ORANI, Bataan – Bataan 1st District Representative Geraldine B. Roman was featured last week in The Seattle Times in an article entitled “A transgender paradox, and platform, in the Philippines.”
The Seattle Times is a daily newspaper serving Seattle, Washington in the United States. It has the largest circulation of any newspaper in the state of Washington and in the Pacific Northwest region.
Written by Miss Aurora Almendral, the article tackles about the Philippines as one of Southeast Asia’s most tolerant countries toward lesbian, gay, bisexual, or trabsgender (LGBT) people.
The news outfit stated that lawmakers here led by Cingresswoman Roman are taking steps to ensure national legal protections that would penalize discrimination against them (LGBTs).

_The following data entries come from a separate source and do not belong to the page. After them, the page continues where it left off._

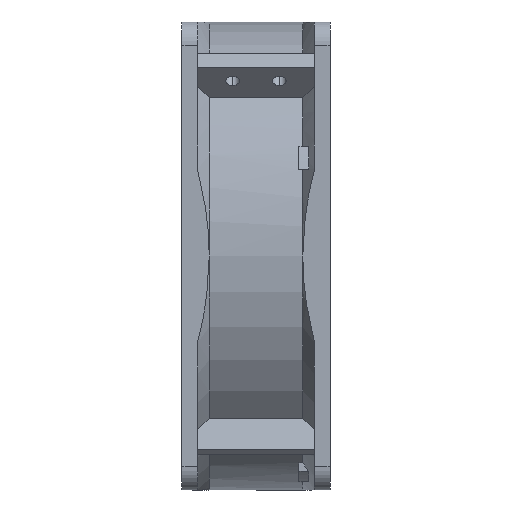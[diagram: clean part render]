
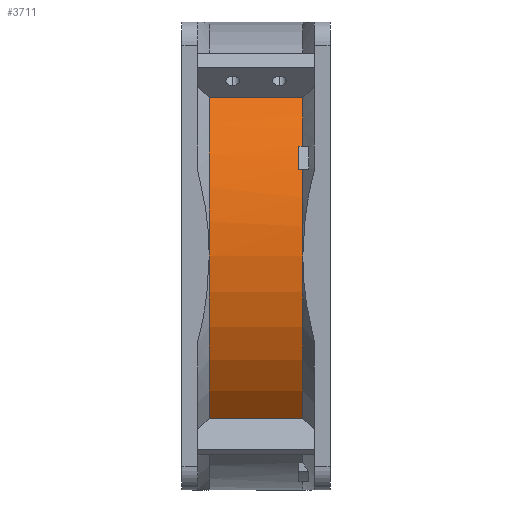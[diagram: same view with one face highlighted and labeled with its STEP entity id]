
A CAD part, left-side view. The second image highlights one B-rep face of the part: STEP entity #3711.
In plain terms, the highlighted cylindrical face has radius 60 mm (diameter 120 mm), a partial arc.
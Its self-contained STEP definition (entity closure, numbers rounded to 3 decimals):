
#95 = CARTESIAN_POINT ( 'NONE',  ( 0., 12., 0. ) ) ;
#128 = VERTEX_POINT ( 'NONE', #5200 ) ;
#167 = AXIS2_PLACEMENT_3D ( 'NONE', #545, #3971, #1053 ) ;
#169 = CARTESIAN_POINT ( 'NONE',  ( -55.738, -11.5, 22.21 ) ) ;
#350 = CIRCLE ( 'NONE', #617, 60. ) ;
#392 = VERTEX_POINT ( 'NONE', #5096 ) ;
#399 = VERTEX_POINT ( 'NONE', #4609 ) ;
#410 = EDGE_CURVE ( 'NONE', #576, #392, #5312, .T. ) ;
#429 = VERTEX_POINT ( 'NONE', #744 ) ;
#545 = CARTESIAN_POINT ( 'NONE',  ( 0., -11., 0. ) ) ;
#576 = VERTEX_POINT ( 'NONE', #3053 ) ;
#594 = DIRECTION ( 'NONE',  ( 0., 0., -1. ) ) ;
#608 = EDGE_CURVE ( 'NONE', #399, #5047, #4541, .T. ) ;
#614 = VERTEX_POINT ( 'NONE', #1661 ) ;
#617 = AXIS2_PLACEMENT_3D ( 'NONE', #852, #4260, #1339 ) ;
#672 = DIRECTION ( 'NONE',  ( 0., 1., 0. ) ) ;
#705 = AXIS2_PLACEMENT_3D ( 'NONE', #2482, #1543, #4943 ) ;
#744 = CARTESIAN_POINT ( 'NONE',  ( -60., 12., 0. ) ) ;
#852 = CARTESIAN_POINT ( 'NONE',  ( 0., -12., 0. ) ) ;
#1053 = DIRECTION ( 'NONE',  ( 0., 0., -1. ) ) ;
#1061 = ORIENTED_EDGE ( 'NONE', *, *, #3314, .F. ) ;
#1087 = ORIENTED_EDGE ( 'NONE', *, *, #3434, .F. ) ;
#1157 = AXIS2_PLACEMENT_3D ( 'NONE', #95, #3515, #594 ) ;
#1188 = CIRCLE ( 'NONE', #2172, 60. ) ;
#1233 = DIRECTION ( 'NONE',  ( 0., -1., 0. ) ) ;
#1339 = DIRECTION ( 'NONE',  ( 0., 0., -1. ) ) ;
#1345 = LINE ( 'NONE', #4957, #3781 ) ;
#1543 = DIRECTION ( 'NONE',  ( 0., -1., 0. ) ) ;
#1586 = CYLINDRICAL_SURFACE ( 'NONE', #705, 60. ) ;
#1661 = CARTESIAN_POINT ( 'NONE',  ( -53.032, -12., 28.065 ) ) ;
#1747 = FACE_OUTER_BOUND ( 'NONE', #5213, .T. ) ;
#1913 = CARTESIAN_POINT ( 'NONE',  ( -44.157, 12., 40.622 ) ) ;
#1988 = ORIENTED_EDGE ( 'NONE', *, *, #3912, .F. ) ;
#2018 = CARTESIAN_POINT ( 'NONE',  ( 0., 12., 0. ) ) ;
#2090 = EDGE_CURVE ( 'NONE', #3091, #5306, #1345, .T. ) ;
#2172 = AXIS2_PLACEMENT_3D ( 'NONE', #2018, #5424, #2498 ) ;
#2270 = CARTESIAN_POINT ( 'NONE',  ( -53.032, -11.5, 28.065 ) ) ;
#2362 = VERTEX_POINT ( 'NONE', #5283 ) ;
#2418 = ORIENTED_EDGE ( 'NONE', *, *, #608, .T. ) ;
#2482 = CARTESIAN_POINT ( 'NONE',  ( 0., 0., 0. ) ) ;
#2498 = DIRECTION ( 'NONE',  ( 0., 0., -1. ) ) ;
#2513 = DIRECTION ( 'NONE',  ( 0., 1., 0. ) ) ;
#2602 = ORIENTED_EDGE ( 'NONE', *, *, #5932, .T. ) ;
#2695 = VECTOR ( 'NONE', #3220, 1000. ) ;
#2716 = VECTOR ( 'NONE', #6096, 1000. ) ;
#2839 = DIRECTION ( 'NONE',  ( 0., -1., 0. ) ) ;
#2912 = AXIS2_PLACEMENT_3D ( 'NONE', #5765, #2839, #6250 ) ;
#2962 = ORIENTED_EDGE ( 'NONE', *, *, #4576, .T. ) ;
#3053 = CARTESIAN_POINT ( 'NONE',  ( -43.128, -12., -41.713 ) ) ;
#3091 = VERTEX_POINT ( 'NONE', #5585 ) ;
#3220 = DIRECTION ( 'NONE',  ( 0., -1., 0. ) ) ;
#3232 = EDGE_CURVE ( 'NONE', #3091, #614, #350, .T. ) ;
#3314 = EDGE_CURVE ( 'NONE', #128, #576, #3474, .T. ) ;
#3400 = VECTOR ( 'NONE', #672, 1000. ) ;
#3434 = EDGE_CURVE ( 'NONE', #2362, #5047, #4007, .T. ) ;
#3474 = CIRCLE ( 'NONE', #2912, 60. ) ;
#3482 = EDGE_CURVE ( 'NONE', #5306, #429, #5310, .T. ) ;
#3515 = DIRECTION ( 'NONE',  ( 0., -1., 0. ) ) ;
#3711 = ADVANCED_FACE ( 'NONE', ( #1747 ), #1586, .T. ) ;
#3781 = VECTOR ( 'NONE', #2513, 1000. ) ;
#3912 = EDGE_CURVE ( 'NONE', #399, #128, #4251, .T. ) ;
#3971 = DIRECTION ( 'NONE',  ( 0., -1., 0. ) ) ;
#4007 = CIRCLE ( 'NONE', #167, 60. ) ;
#4146 = CARTESIAN_POINT ( 'NONE',  ( -55.738, -11., 22.21 ) ) ;
#4148 = LINE ( 'NONE', #2270, #2695 ) ;
#4152 = CARTESIAN_POINT ( 'NONE',  ( 0., -12., 0. ) ) ;
#4251 = CIRCLE ( 'NONE', #4958, 60. ) ;
#4260 = DIRECTION ( 'NONE',  ( 0., -1., 0. ) ) ;
#4469 = ORIENTED_EDGE ( 'NONE', *, *, #3232, .F. ) ;
#4534 = ORIENTED_EDGE ( 'NONE', *, *, #410, .F. ) ;
#4541 = LINE ( 'NONE', #169, #3400 ) ;
#4554 = ORIENTED_EDGE ( 'NONE', *, *, #3482, .T. ) ;
#4576 = EDGE_CURVE ( 'NONE', #429, #392, #1188, .T. ) ;
#4609 = CARTESIAN_POINT ( 'NONE',  ( -55.738, -12., 22.21 ) ) ;
#4640 = DIRECTION ( 'NONE',  ( 0., 0., -1. ) ) ;
#4943 = DIRECTION ( 'NONE',  ( 0., 0., -1. ) ) ;
#4957 = CARTESIAN_POINT ( 'NONE',  ( -44.157, -19.001, 40.622 ) ) ;
#4958 = AXIS2_PLACEMENT_3D ( 'NONE', #4152, #1233, #4640 ) ;
#5047 = VERTEX_POINT ( 'NONE', #4146 ) ;
#5096 = CARTESIAN_POINT ( 'NONE',  ( -43.128, 12., -41.713 ) ) ;
#5200 = CARTESIAN_POINT ( 'NONE',  ( -60., -12., 0. ) ) ;
#5213 = EDGE_LOOP ( 'NONE', ( #1988, #2418, #1087, #2602, #4469, #5904, #4554, #2962, #4534, #1061 ) ) ;
#5283 = CARTESIAN_POINT ( 'NONE',  ( -53.032, -11., 28.065 ) ) ;
#5306 = VERTEX_POINT ( 'NONE', #1913 ) ;
#5310 = CIRCLE ( 'NONE', #1157, 60. ) ;
#5312 = LINE ( 'NONE', #5607, #2716 ) ;
#5424 = DIRECTION ( 'NONE',  ( 0., -1., 0. ) ) ;
#5585 = CARTESIAN_POINT ( 'NONE',  ( -44.157, -12., 40.622 ) ) ;
#5607 = CARTESIAN_POINT ( 'NONE',  ( -43.128, -19.001, -41.713 ) ) ;
#5765 = CARTESIAN_POINT ( 'NONE',  ( 0., -12., 0. ) ) ;
#5904 = ORIENTED_EDGE ( 'NONE', *, *, #2090, .T. ) ;
#5932 = EDGE_CURVE ( 'NONE', #2362, #614, #4148, .T. ) ;
#6096 = DIRECTION ( 'NONE',  ( 0., 1., 0. ) ) ;
#6250 = DIRECTION ( 'NONE',  ( 0., 0., -1. ) ) ;

“While there are no laws criminalizing homosexuality in the Philippines, there are no laws specifically protecting gay or transgender people, either. Geraldine Roman, the country’s first openly transgender member of Congress, is spearheading efforts to broaden legal protections in the Philippines,” the article stated.
It also discussed about a survey published by the Pew Research Center in 2014 found that 73 percent of Filipinos said gay people and lesbians should be accepted by society. By comparison, near neighbors Indonesia and Malaysia polled at 3 percent and 9 percent.
The author added that the attitude in the Philippines were comparable to countries like Britain and Italy, and ahead of the United States, where acceptance is at 60 percent. The survey found that tolerance is correlated with rich, secular societies.
Published reports stated that 41 transgender people were killed in the Philippines between 2008 and 2016, the highest rate in Southeast Asia, according to the Trans Murder Monitoring Project of the organization Transgender Europe.
A study published in The Philippine Journal of Psychology in 2014 found that gay, lesbian, bisexual and transgender Filipinos were twice as likely to contemplate suicide as their heterosexual peers.
In September 2017, Roman’s House Bill 4982, seeking to penalize those who will be found practicing discrimination based on sexual orientation or gender identity was passed on third and final reading during a session at the House of Representatives.
It says that discriminating a member of the lesbian, gay, bisexual, and transgender may soon land you in jail, once this bill becomes a law.
At least 198 lawmakers voted to approve the bill on final reading, with zero against and zero abstentions. Roman even led the lawmakers in waving a rainbow flag before the third reading of the bill.